Und so beinhaltet die Berechnungsengine Berechnungen für alle Arten von Interaktionen. Die Daten für diese Berechnungen liefern die Krieger-Objekte. Wenn neue Einheiten hinzukommen, muß nur immer wieder die Berechnungsengine erweitert werden. Alle anderen Klassen, die zum Beispiel die Spielumgebung verwalten, brauchen auch nur die Oberklasse aller Kriegerobjekte zu kennen, da für alle Interaktionen zwischen den Spielern die Berechnungsengine verwendet wird. Wenn du für die Berechnung eine Matrix verwendest, müssen der Engine auch nicht alle Kriegerimplementierungen bekannt sein.

Die Auslagerung der Interaktionen aus den Kriegerobjekten ist deswegen sinnvoll, weil bei Änderungen der Interaktionsmodalitäten, alle Implementierungen der Kriegerklassen geändert werden müssen, die Objekte einen Haufen Methoden haben, die sie möglicherweise nicht alle benutzen und die Klassen u.U. mehr voneinander wissen müssen als eigentlich nötig.


----------



## Illuvatar (29. Jun 2008)

(hab jetzt nicht ganz alles hier gelesen nur eine kleine Anmerkung)

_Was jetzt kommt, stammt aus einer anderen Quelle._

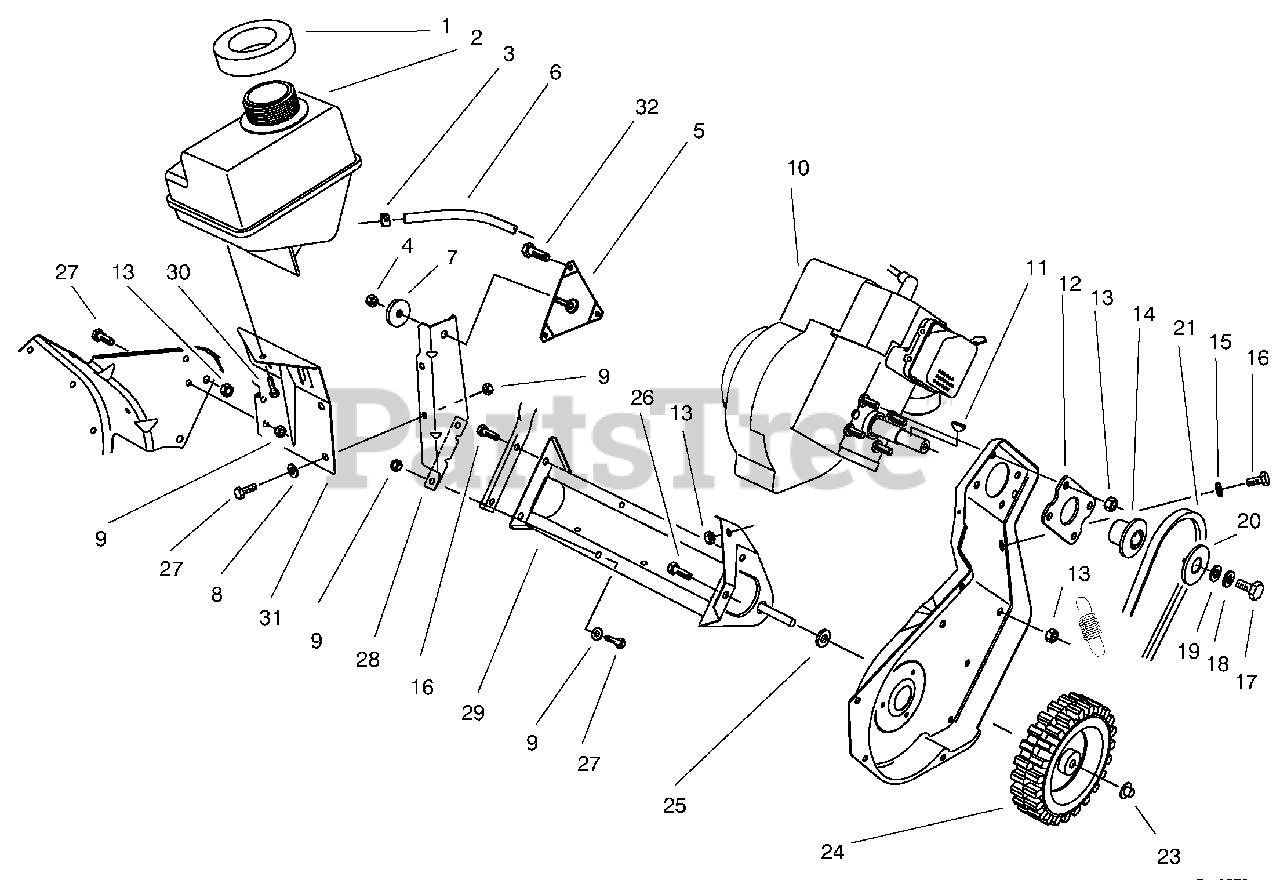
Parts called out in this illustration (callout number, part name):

OOP und was weiß ich was alles können die nicht um irgendwelche langen if-else-Konstrukte rumhelfen. Du kannst sie vielleicht sogar in Dateien auslagen und anders nennen, in extra Klassne auslagern oder sonstwas. Aber irgendwo muss es nun mal festgelegt werden: Wenn ein Space Marine einen Eldar-Avatar angreift, dann macht das 3 Schaden.


----------



## Marco13 (29. Jun 2008)

_Da das Angriffsverhalten eines Schwertkämpfers davon abhängig ist, wen er angreift, ist das Decorator-Pattern m.E. nicht so ganz das Richtige. _

Der unverbindliche (!) Vorschlag, sich mal das Decorator-Pattern anzusehen, bezog sich NUR und ausschließlich darauf, dass man eben nicht solche absurden Unterklassen wie
_
MenschMitSchwert extends Krieger
ElfMitSchwert extends Krieger
OgerMitSchwert extends Krieger
....
ReiterMitVergiftetemSchwertUndSchildUndRüstungUndFrikadelleAmKnie extends Krieger
_
erstellen sollte. Es macht ja keinen Sinn, praktisch für jede Eigenschaft, die "dazukommt", eine neue Unterklasse anzulegen.... :autsch:  Man KÖNNTE solche zusätzlichen Eigenschaften über das Decorator-Pattern abbilden: Es gibt einen Krieger, und der Kann ein Pferd haben, oder eben nicht. Eine Alternative zum Decorator-Pattern könnte so eine Art "Inventar"-Klasse sein, die jeder Krieger hat. Wie auch immer: Man weiß vorher nicht unbedingt, was da alles dazukommen kann, und es sollte möglichst einfach sein, neue Eigenschaften dazuzupacken. (Dass diese neuen Eigeschaften dann auch beim Berechnen der attackValue berücksichtigt werden müssen, ist ein anderes Thema).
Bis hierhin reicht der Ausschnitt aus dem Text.